| Type: | Package | 
| Title: | Variance Estimation | 
| Version: | 0.1.0 | 
| Author: | Sayanti Guha Majumdar, Anil Rai, Dwijesh Chandra Mishra | 
| Maintainer: | Sayanti Guha Majumdar <sayanti23gm@gmail.com> | 
| Description: | Error variance estimation in ultrahigh dimensional datasets with four different methods, viz. Refitted cross validation, k-fold refitted cross validation, Bootstrap-refitted cross validation, Ensemble method. | 
| License: | GPL-3 | 
| Encoding: | UTF-8 | 
| LazyData: | TRUE | 
| Imports: | SAM, caret, lm.beta, glmnet | 
| RoxygenNote: | 6.1.1 | 
| NeedsCompilation: | no | 
| Packaged: | 2019-09-17 09:47:18 UTC; user6 | 
| Repository: | CRAN | 
| Date/Publication: | 2019-09-23 16:10:02 UTC | 
Variance Estimation
Description
Error variance estimation in ultrahigh dimensional datasets with four different methods, viz. Refitted cross validation, k-fold refitted cross validation, Bootstrap-refitted cross validation, Ensemble method.
Details
The DESCRIPTION file:
| Package: | varEst | 
| Type: | Package | 
| Title: | Variance Estimation | 
| Version: | 0.1.0 | 
| Author: | Sayanti Guha Majumdar, Anil Rai, Dwijesh Chandra Mishra | 
| Maintainer: | Sayanti Guha Majumdar <sayanti23gm@gmail.com> | 
| Description: | Error variance estimation in ultrahigh dimensional datasets with four different methods, viz. Refitted cross validation, k-fold refitted cross validation, Bootstrap-refitted cross validation, Ensemble method. | 
| License: | GPL-3 | 
| Encoding: | UTF-8 | 
| LazyData: | TRUE | 
| Imports: | SAM, caret, lm.beta, glmnet | 
| RoxygenNote: | 6.1.1 | 
Index of help topics:
bsrcv                   Variance Estimation with Bootstrap-RCV
ensemble                Variance Estimation with Ensemble method
krcv                    Variance Estimation with kfold-RCV
rcv                     Variance Estimation with Refitted Cross
                        Validation(RCV)
varEst-package          Variance Estimation
Author(s)
Sayanti Guha Majumdar, Anil Rai, Dwijesh Chandra Mishra
Maintainer: Sayanti Guha Majumdar <sayanti23gm@gmail.com>
References
Fan, J., Guo, S., Hao, N. (2012).Variance estimation using refitted cross-validation in ultrahigh dimensional regression. Journal of the Royal Statistical Society, 74(1), 37-65
 Ravikumar, P., Lafferty, J., Liu, H. and Wasserman, L. (2009). Sparse additive models. Journal of the Royal Statistical Society: Series B (Statistical Methodology), 71(5), 1009-1030
 Tibshirani, R. (1996). Regression shrinkage and selection via the Lasso.

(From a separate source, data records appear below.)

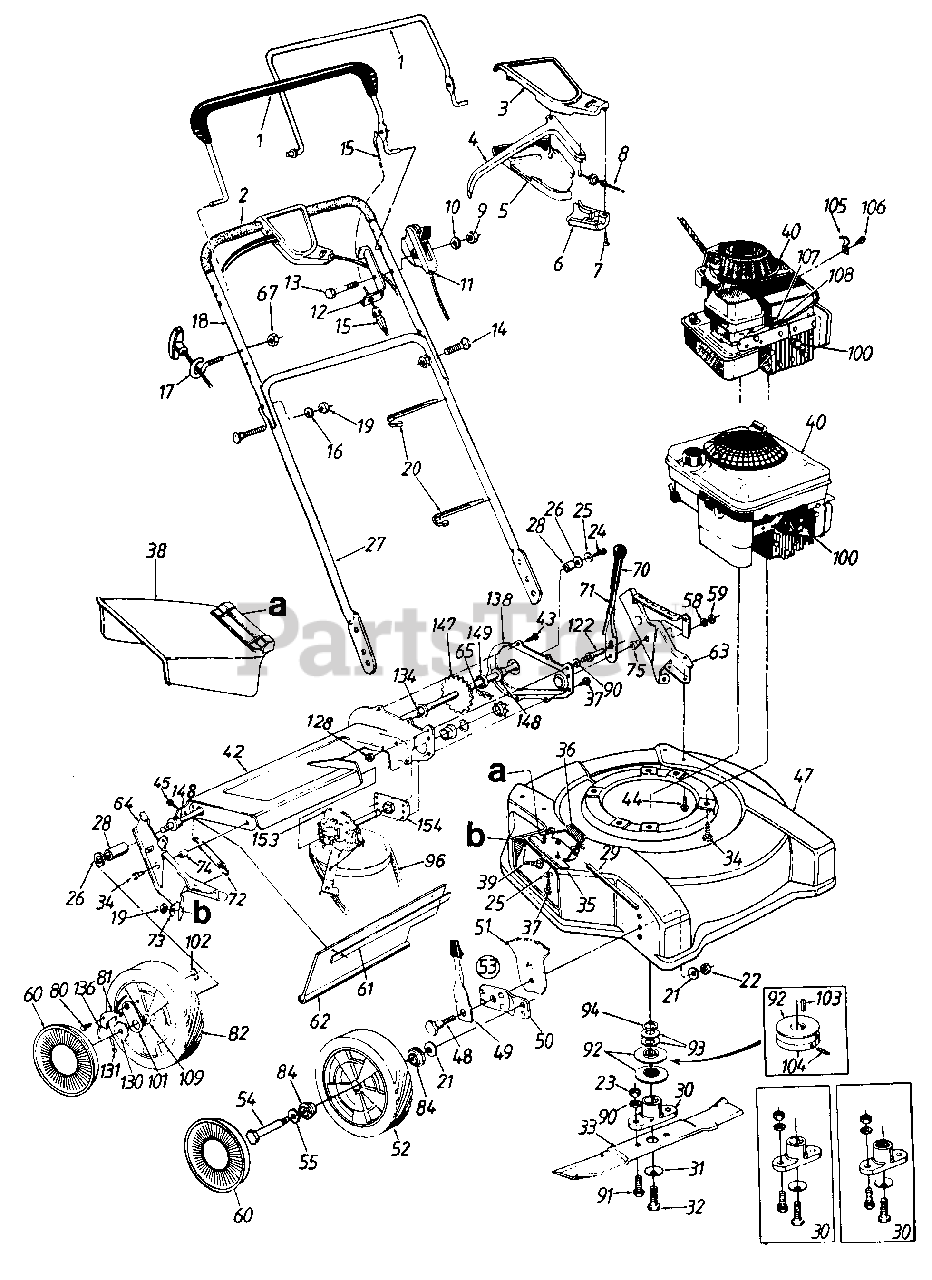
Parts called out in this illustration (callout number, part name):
1	Control Handle Ass'y.
2	Foam Grip
3	Upper-S.P. Control Cover
4	Control Lever
5	Lower-S.P. Control Cover
6	S.P. Control Cover
7	Fl-'C"-Sunk Hd. Tap Scr. #10 x .75" Lg.
8	S.P. Adj. Cable-44" Lg.
9	Hex Nut 1/4-20 Thd.
10	Spr. Wash. .265" I.D. x .562"
11	Throttle Control Comp.-56.6"
12	Cable Mtg. Brkt.
13	Hex Bolt 1/4-20 x 1.85" Lg.
14	Curved Carr. Bolt 5/16-18 x 1.38"
15	Control Cable 43" Lg.
16	L-Wash. 5/16" I.D.
17	Rope Guide Bolt
18	Upper Handle
19	Hex Nut 5/16-18 Thd.
20	Cable Tie
21	Bell-Wash. .38" I.D. x .88"
22	Hex Nut 3/8-16 Thd.
23	Hex Nut 3/8-24 Thd.
24	Hex Bolt 1/4-20 x .62" Lg. Grade 5)
25	Bell-Wash. 1/4" I.D.
26	Fl-Wash. .531" I.D. x .93"
27	Lower Handle
28	Spacer .513" I.D. x .703"
29	Hinge Pin
30	Blade Adapter Kit
31	Bell-Wash. .39" I.D.
32	Hex Bolt 3/8-24 x 1.5" Lg.
33	22" Blade
34	Hex L-Wash. Hd. Scr. 3/8-16 x 1.0" Lg.
35	Adapter Plate
36	Torsion Spring
37	Hex Self-Tap Scr. 1/4-20 x .5"
38	Chute Deflector Ass'y.
39	Carriage Bolt 5/16-18 x .62" Lg.
40	Engine
44	Hex Wash. Hd. B-Tap Scr. 5/16-18
45	Hex AB-Tap Scr. 1/4 x .62"
49	Spring Lever Ass'y. w/Knob
51	Height Adj. Plate
52	Wheel Ass'y. Comp.
53	Height Adj. Ass'y. Comp.-R.H.
54	Shld. Bolt .498" Dia. x 1.45"
55	Wave Wash. .53" I.D. x .78"
58	Fl-Wash. .385" I.D. x .87"
59	Hex Patch L-Nut 3/8-24 Thd.
60	Hub Cap
61	Retaining Strip
62	Rear Flap
63	L.H. Handle Wheel Brkt. Ass'y.
64	R.H. Handle Wheel Brkt. Ass'y.
65	#48 Chain .5" Pitch x 30 Links
67	Hex L-Nut '/4-20 Thd.
71	Height Adj. Lever
72	Ext. Spring .5" O.D. x 3.8" Lg.
73	Bell-Wash. 5/16" I.D.
74	Spacer .383" I.D. x .503"
75	Shld. Spacer .5" Dia.
80	Shld. Scr. .342" Dia. x .268"
81	Pawl
82	Wheel Ass'y. Comp.
84	Ball Bearing 1/2" I.D.
90	L-Wash. 3/8" I.D.
91	Hex Bolt 3/8-24 x 1.0" Lg.
92	Keyed Pulley
93	Bell-Wash. 1.01" I D
94	Crankshaft Spacertt
96	"V"-Belt
100	Spark Plug Boot
101	Pawl Plate
102	Weld Nut 1/4-20 Thd.
103	Sq. Key 3116" x 3/4" Lg.
104	Set Scr. #10-32 x .25" Lg.
105	Cable Clamp
106	Hex B-Tap Scr. #10 x .38" Lg.
107	Cable Clamp
108	Hex B-Tap Scr. #10 x .5" Lg.
109	Sleeve Brg. 1/2" I.D.
122	Shld. Pin 3/8-24 x 1.43" Lg.
128	Hex Jam Nut 3/8-24 Thd.
130	Ratchet Wheel 1.62" O.D.
131	Cotter Pin 1/8" Dia.
134	Hex Flange Bearing
136	Spring-Nylon
148	Hex Flange Bearing
149	Fl-Wash. .531" I.D. x .93"
153	Transmission Comp.
17055B-0637	AXLE ASSY-CHAIN - POWDER BLACK (0637)
17055B-0638	AXLE ASSY-CHAIN - MTD/TROY-BILT RED (0638)
17055B-0665	AXLE ASSY-CHAIN - YARDMAN GREEN (0665)

Journal of Royal Statistical Society, 58, 267-288
Variance Estimation with Bootstrap-RCV
Description
Estimation of error variance using Bootstrap-refitted cross validation method in ultrahigh dimensional dataset.
Usage
bsrcv(x,y,a,b,d,method=c("spam","lasso","lsr"))
Arguments
| x | a matrix of markers or explanatory variables, each column contains one marker and each row represents an individual. | 
| y | a column vector of response variable. | 
| a | value of alpha, range is 0<=a<=1 where, a=1 is LASSO penalty and a=0 is Ridge penalty.If variable selection method is LASSO then providing value to a is compulsory. For other methods a should be NULL. | 
| b | number of bootstrap samples. | 
| d | number of variables to be selected from x. | 
| method | variable selection method, user can choose any method among "spam", "lasso", "lsr" | 
Details
In this method, bootstrap samples are taken from the original datasets and then RCV (Fan et al., 2012) method is applied to each of these bootstrap samples.
Value
| Error variance | 
Author(s)
Sayanti Guha Majumdar <sayanti23gm@gmail.com>, Anil Rai, Dwijesh Chandra Mishra
References
Fan, J., Guo, S., Hao, N. (2012).Variance estimation using refitted cross-validation in ultrahigh dimensional regression. Journal of the Royal Statistical Society, 74(1), 37-65
 Ravikumar, P., Lafferty, J., Liu, H. and Wasserman, L. (2009). Sparse additive models. Journal of the Royal Statistical Society: Series B (Statistical Methodology), 71(5), 1009-1030
 Tibshirani, R. (1996). Regression shrinkage and selection via the Lasso. Journal of Royal Statistical Society, 58, 267-288
Examples
## data simulation
marker <- as.data.frame(matrix(NA, ncol =500, nrow = 200))
for(i in 1:500){
marker[i] <- sample(1:3, 200, replace = TRUE, prob = c(1, 2, 1))
}
pheno <- marker[,1]*1.41+marker[,2]*1.41+marker[,3]*1.41+marker[,4]*1.41+marker[,5]*1.41
pheno <- as.matrix(pheno)
marker<- as.matrix(marker)
## estimation of error variance
var <- bsrcv(marker,pheno,1,10,5,"lasso")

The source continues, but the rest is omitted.